#### [Your instructions]
Looking at the listing below, retype exactly the lines starting at the one containing "qVendor_ID := 0;" and ending at the one containing "if qActual_Diagnostics_Code = 0", both included, and nothing else.

*** Data ***

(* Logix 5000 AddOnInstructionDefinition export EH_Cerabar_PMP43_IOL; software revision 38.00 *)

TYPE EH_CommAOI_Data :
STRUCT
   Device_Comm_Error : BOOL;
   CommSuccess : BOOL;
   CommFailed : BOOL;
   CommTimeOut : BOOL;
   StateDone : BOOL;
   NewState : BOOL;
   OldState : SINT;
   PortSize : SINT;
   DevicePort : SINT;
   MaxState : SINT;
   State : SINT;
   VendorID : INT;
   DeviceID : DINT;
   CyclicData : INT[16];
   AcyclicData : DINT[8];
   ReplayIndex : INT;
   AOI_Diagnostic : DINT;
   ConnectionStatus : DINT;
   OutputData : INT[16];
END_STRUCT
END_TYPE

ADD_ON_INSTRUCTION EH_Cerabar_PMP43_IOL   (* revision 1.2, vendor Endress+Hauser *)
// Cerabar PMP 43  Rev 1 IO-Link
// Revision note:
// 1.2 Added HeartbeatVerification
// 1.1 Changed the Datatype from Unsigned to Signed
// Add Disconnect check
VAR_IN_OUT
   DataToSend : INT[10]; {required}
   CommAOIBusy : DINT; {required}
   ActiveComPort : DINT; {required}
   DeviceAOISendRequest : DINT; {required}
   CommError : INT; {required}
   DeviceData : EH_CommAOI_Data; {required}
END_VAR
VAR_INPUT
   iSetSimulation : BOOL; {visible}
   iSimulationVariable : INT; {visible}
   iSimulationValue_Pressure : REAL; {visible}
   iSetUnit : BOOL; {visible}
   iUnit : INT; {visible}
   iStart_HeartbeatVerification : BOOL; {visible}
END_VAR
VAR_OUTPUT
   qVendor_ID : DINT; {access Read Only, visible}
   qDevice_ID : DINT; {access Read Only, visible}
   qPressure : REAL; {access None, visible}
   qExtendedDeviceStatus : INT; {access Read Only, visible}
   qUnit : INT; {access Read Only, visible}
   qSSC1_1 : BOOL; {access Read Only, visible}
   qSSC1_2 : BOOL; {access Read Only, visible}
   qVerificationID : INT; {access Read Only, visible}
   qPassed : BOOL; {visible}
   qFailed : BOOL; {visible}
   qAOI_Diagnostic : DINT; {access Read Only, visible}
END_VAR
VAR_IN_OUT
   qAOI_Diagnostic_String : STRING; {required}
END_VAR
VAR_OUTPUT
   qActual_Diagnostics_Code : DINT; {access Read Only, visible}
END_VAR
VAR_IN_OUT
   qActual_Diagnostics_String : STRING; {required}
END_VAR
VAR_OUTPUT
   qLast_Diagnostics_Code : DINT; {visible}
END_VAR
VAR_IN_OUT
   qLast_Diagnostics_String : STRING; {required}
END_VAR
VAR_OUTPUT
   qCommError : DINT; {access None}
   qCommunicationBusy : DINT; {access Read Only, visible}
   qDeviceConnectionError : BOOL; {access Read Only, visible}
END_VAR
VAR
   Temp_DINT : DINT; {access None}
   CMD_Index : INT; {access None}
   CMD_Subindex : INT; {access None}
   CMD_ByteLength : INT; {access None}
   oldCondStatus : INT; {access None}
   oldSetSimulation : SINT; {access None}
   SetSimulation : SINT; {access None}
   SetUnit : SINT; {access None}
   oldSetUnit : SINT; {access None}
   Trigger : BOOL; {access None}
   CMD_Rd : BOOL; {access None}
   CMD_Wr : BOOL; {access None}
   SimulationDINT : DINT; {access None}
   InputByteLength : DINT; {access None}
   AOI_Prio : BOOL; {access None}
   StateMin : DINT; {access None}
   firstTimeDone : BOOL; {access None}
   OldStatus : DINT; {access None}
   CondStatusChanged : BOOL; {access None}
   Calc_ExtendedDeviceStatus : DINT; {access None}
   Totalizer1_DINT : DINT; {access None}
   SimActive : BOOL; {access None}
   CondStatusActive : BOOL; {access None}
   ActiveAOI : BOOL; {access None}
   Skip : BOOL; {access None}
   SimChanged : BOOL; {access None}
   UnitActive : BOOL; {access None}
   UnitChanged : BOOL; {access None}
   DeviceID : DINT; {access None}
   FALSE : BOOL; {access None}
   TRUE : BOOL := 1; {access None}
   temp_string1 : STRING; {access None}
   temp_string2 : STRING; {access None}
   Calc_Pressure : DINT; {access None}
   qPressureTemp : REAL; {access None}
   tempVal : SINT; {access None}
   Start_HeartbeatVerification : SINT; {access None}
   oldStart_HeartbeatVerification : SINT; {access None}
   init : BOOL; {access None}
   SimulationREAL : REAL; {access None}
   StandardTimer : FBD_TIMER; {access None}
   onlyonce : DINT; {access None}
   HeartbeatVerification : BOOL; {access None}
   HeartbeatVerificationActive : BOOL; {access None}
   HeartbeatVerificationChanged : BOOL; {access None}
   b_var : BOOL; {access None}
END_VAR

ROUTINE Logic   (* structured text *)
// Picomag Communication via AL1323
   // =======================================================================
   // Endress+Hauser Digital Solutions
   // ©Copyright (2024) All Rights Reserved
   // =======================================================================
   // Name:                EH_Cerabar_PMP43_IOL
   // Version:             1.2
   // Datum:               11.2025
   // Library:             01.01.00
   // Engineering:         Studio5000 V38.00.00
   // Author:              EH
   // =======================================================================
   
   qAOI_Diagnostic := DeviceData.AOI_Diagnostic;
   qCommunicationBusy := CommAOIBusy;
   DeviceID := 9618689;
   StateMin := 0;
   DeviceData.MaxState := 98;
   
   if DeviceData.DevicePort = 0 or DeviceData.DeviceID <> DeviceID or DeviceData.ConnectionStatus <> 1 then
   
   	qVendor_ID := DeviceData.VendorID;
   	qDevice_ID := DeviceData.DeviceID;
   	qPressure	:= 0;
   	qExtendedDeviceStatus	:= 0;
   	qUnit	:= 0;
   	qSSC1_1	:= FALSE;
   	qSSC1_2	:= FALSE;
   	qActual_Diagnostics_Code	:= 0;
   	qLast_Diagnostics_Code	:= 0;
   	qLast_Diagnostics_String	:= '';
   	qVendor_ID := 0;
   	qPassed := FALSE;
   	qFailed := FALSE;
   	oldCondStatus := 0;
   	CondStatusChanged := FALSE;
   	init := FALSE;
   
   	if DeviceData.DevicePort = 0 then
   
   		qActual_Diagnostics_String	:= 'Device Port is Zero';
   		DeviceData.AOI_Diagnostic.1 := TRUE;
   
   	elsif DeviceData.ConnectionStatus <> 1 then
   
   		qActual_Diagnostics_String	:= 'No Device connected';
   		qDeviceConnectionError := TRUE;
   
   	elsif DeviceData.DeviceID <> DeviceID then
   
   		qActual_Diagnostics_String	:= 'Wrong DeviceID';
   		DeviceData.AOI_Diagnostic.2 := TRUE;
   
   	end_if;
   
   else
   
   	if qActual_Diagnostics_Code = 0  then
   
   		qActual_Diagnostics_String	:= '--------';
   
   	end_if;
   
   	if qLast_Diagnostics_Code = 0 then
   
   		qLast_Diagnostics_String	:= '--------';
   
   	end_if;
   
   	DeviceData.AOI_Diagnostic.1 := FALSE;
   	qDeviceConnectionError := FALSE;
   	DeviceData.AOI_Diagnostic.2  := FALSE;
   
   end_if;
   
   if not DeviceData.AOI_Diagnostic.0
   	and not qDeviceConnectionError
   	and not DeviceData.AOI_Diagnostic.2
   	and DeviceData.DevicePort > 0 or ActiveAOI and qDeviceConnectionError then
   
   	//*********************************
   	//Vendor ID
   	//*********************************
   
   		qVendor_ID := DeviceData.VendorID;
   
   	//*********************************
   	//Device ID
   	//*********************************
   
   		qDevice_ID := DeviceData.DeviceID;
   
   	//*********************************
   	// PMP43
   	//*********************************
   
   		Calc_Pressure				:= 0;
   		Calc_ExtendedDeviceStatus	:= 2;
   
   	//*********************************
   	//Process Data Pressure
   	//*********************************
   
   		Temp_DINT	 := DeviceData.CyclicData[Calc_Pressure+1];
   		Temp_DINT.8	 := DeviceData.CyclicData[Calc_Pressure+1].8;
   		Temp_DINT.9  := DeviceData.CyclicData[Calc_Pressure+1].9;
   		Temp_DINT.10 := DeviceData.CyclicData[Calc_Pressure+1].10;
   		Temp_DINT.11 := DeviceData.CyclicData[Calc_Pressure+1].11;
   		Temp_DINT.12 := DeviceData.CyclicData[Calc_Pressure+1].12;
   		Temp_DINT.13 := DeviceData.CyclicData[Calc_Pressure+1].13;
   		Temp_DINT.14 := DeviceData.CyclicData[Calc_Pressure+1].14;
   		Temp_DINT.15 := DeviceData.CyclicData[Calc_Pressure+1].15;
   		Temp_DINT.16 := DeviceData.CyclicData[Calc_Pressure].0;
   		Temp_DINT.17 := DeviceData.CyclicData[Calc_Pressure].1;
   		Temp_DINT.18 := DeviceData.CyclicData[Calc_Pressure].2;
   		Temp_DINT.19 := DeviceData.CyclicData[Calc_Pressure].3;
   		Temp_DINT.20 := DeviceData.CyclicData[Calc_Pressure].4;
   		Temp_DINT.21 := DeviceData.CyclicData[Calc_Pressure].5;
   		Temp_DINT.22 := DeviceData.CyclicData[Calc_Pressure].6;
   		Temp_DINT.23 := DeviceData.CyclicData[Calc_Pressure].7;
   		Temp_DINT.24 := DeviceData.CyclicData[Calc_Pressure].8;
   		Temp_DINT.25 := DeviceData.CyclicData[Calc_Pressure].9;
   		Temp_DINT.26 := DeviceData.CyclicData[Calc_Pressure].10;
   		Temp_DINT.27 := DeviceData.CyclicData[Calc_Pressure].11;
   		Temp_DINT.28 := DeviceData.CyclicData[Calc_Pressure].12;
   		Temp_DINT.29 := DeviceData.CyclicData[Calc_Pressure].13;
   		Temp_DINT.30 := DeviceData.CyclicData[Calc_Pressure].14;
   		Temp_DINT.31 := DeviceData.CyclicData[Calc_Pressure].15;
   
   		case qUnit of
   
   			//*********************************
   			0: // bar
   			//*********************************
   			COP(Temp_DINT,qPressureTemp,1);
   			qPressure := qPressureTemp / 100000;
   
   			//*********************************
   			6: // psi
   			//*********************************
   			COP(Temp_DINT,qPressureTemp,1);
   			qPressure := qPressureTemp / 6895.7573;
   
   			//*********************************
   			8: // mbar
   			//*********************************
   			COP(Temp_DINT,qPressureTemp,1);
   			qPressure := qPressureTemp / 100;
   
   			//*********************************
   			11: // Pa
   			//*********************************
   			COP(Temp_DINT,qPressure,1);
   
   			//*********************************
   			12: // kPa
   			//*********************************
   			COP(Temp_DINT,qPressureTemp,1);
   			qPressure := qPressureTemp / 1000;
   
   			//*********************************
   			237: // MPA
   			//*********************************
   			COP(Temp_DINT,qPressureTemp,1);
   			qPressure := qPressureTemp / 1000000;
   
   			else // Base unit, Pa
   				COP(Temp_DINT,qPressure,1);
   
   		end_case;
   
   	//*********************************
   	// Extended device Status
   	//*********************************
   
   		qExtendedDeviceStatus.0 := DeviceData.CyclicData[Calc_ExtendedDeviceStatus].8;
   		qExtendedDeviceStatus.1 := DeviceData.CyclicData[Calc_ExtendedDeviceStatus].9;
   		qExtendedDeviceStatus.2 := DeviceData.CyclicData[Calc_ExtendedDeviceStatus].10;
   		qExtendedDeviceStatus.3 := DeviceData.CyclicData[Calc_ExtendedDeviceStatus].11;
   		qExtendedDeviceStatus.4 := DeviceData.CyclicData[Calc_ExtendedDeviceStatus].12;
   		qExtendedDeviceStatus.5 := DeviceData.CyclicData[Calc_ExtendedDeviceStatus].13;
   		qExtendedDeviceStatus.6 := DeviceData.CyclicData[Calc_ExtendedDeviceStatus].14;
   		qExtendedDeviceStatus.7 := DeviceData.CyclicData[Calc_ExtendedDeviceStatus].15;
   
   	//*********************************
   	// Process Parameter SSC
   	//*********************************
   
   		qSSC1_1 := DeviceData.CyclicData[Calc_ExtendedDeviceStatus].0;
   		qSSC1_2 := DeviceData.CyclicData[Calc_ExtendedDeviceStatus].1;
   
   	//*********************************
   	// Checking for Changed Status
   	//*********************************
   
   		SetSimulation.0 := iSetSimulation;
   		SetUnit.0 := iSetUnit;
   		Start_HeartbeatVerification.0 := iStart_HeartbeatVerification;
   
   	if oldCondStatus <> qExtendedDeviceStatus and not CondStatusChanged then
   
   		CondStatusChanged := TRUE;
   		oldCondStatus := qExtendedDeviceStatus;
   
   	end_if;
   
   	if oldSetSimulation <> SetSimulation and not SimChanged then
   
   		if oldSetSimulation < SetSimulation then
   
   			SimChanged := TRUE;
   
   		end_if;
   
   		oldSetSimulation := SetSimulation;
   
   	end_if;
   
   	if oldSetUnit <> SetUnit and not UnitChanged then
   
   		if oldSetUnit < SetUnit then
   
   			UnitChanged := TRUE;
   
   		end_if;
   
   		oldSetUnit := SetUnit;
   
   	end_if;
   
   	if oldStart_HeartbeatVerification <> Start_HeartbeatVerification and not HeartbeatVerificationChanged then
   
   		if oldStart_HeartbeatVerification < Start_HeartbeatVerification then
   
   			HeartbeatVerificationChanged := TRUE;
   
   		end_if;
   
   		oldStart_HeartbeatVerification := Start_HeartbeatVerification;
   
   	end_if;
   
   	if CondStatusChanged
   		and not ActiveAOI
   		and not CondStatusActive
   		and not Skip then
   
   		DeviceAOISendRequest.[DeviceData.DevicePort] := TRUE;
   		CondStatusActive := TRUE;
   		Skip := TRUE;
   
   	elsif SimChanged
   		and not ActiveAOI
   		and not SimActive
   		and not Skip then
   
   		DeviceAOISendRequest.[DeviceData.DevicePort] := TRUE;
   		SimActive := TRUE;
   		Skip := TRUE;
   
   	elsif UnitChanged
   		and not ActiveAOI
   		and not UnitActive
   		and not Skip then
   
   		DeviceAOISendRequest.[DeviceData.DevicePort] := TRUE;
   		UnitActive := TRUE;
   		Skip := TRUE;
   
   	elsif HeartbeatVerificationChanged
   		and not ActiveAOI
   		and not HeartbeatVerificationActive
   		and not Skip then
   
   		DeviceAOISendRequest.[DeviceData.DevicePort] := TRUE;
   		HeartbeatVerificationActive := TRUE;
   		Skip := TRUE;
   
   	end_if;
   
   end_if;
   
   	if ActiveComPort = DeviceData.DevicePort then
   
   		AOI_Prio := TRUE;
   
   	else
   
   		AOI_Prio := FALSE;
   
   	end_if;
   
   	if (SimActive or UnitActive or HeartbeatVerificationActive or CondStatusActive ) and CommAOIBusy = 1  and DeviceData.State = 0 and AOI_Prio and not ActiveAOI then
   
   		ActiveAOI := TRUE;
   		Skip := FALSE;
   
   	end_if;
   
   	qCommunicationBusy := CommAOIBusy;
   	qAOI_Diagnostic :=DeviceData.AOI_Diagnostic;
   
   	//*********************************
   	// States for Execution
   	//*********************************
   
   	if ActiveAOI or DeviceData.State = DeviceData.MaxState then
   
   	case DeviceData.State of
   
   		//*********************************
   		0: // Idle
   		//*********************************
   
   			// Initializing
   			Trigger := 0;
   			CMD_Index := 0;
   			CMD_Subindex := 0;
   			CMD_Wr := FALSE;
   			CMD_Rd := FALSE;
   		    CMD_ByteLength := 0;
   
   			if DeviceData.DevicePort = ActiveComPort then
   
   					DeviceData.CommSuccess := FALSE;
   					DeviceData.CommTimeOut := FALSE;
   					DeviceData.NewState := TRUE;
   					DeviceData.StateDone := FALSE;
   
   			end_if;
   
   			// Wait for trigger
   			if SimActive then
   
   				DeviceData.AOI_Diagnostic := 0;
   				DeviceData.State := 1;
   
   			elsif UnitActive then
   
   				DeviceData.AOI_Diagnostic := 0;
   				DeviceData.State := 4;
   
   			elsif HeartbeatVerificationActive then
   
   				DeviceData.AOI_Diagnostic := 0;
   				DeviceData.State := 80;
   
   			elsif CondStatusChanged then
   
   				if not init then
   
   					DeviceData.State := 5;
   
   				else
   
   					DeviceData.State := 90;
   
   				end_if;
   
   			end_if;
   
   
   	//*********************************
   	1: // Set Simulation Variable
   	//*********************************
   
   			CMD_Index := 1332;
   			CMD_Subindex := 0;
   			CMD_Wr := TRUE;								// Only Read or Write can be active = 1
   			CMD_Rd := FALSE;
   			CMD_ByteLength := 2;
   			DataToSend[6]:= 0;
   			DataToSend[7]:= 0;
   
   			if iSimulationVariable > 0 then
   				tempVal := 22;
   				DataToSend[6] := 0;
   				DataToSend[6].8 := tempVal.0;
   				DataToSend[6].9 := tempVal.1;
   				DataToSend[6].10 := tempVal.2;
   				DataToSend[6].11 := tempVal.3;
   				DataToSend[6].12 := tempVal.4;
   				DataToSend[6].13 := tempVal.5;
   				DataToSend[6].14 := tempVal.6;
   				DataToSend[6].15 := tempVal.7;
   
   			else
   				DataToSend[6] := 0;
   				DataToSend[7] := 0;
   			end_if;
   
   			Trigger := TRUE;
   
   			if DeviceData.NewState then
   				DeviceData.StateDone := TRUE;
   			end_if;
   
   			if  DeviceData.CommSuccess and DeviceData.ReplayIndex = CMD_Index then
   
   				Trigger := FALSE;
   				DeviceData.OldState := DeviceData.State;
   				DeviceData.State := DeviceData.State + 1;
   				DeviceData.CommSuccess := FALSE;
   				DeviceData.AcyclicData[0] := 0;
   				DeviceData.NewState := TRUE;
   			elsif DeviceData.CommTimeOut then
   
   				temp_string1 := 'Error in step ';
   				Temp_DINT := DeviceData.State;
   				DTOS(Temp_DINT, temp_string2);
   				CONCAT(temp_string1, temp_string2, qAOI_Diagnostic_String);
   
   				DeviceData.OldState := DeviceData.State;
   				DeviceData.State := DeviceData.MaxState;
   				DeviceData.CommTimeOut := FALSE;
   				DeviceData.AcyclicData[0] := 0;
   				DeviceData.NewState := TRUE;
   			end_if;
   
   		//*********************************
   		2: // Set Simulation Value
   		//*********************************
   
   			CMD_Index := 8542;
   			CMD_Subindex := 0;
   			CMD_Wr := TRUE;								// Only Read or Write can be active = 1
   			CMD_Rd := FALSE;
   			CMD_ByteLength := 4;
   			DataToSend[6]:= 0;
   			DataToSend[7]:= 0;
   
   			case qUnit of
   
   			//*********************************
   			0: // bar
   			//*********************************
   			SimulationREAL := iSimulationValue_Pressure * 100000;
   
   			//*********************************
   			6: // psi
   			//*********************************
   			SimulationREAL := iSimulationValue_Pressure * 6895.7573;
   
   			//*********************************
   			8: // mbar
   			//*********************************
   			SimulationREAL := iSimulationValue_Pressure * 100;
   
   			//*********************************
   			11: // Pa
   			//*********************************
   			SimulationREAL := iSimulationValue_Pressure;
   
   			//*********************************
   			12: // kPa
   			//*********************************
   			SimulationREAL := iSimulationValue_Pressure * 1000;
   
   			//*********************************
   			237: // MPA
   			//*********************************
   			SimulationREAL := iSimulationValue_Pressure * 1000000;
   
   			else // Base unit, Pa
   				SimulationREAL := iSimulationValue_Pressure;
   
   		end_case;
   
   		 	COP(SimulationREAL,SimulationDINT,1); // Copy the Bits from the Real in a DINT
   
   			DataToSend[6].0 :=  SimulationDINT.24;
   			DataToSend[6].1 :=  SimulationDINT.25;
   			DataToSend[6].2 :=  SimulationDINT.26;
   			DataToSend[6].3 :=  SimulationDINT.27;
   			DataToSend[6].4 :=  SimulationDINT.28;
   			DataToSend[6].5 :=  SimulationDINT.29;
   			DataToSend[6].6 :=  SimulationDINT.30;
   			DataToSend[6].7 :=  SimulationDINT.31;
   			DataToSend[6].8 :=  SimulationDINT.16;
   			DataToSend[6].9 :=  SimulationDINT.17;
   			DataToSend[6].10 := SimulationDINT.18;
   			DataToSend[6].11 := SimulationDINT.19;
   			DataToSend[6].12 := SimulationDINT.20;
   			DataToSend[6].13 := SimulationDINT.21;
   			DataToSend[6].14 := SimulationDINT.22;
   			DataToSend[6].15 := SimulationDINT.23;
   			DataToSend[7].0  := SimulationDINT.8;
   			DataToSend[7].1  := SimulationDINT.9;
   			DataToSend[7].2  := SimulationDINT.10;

*** End of Data ***

#### [Response area]
   	qVendor_ID := 0;
   	qPassed := FALSE;
   	qFailed := FALSE;
   	oldCondStatus := 0;
   	CondStatusChanged := FALSE;
   	init := FALSE;
   
   	if DeviceData.DevicePort = 0 then
   
   		qActual_Diagnostics_String	:= 'Device Port is Zero';
   		DeviceData.AOI_Diagnostic.1 := TRUE;
   
   	elsif DeviceData.ConnectionStatus <> 1 then
   
   		qActual_Diagnostics_String	:= 'No Device connected';
   		qDeviceConnectionError := TRUE;
   
   	elsif DeviceData.DeviceID <> DeviceID then
   
   		qActual_Diagnostics_String	:= 'Wrong DeviceID';
   		DeviceData.AOI_Diagnostic.2 := TRUE;
   
   	end_if;
   
   else
   
   	if qActual_Diagnostics_Code = 0  then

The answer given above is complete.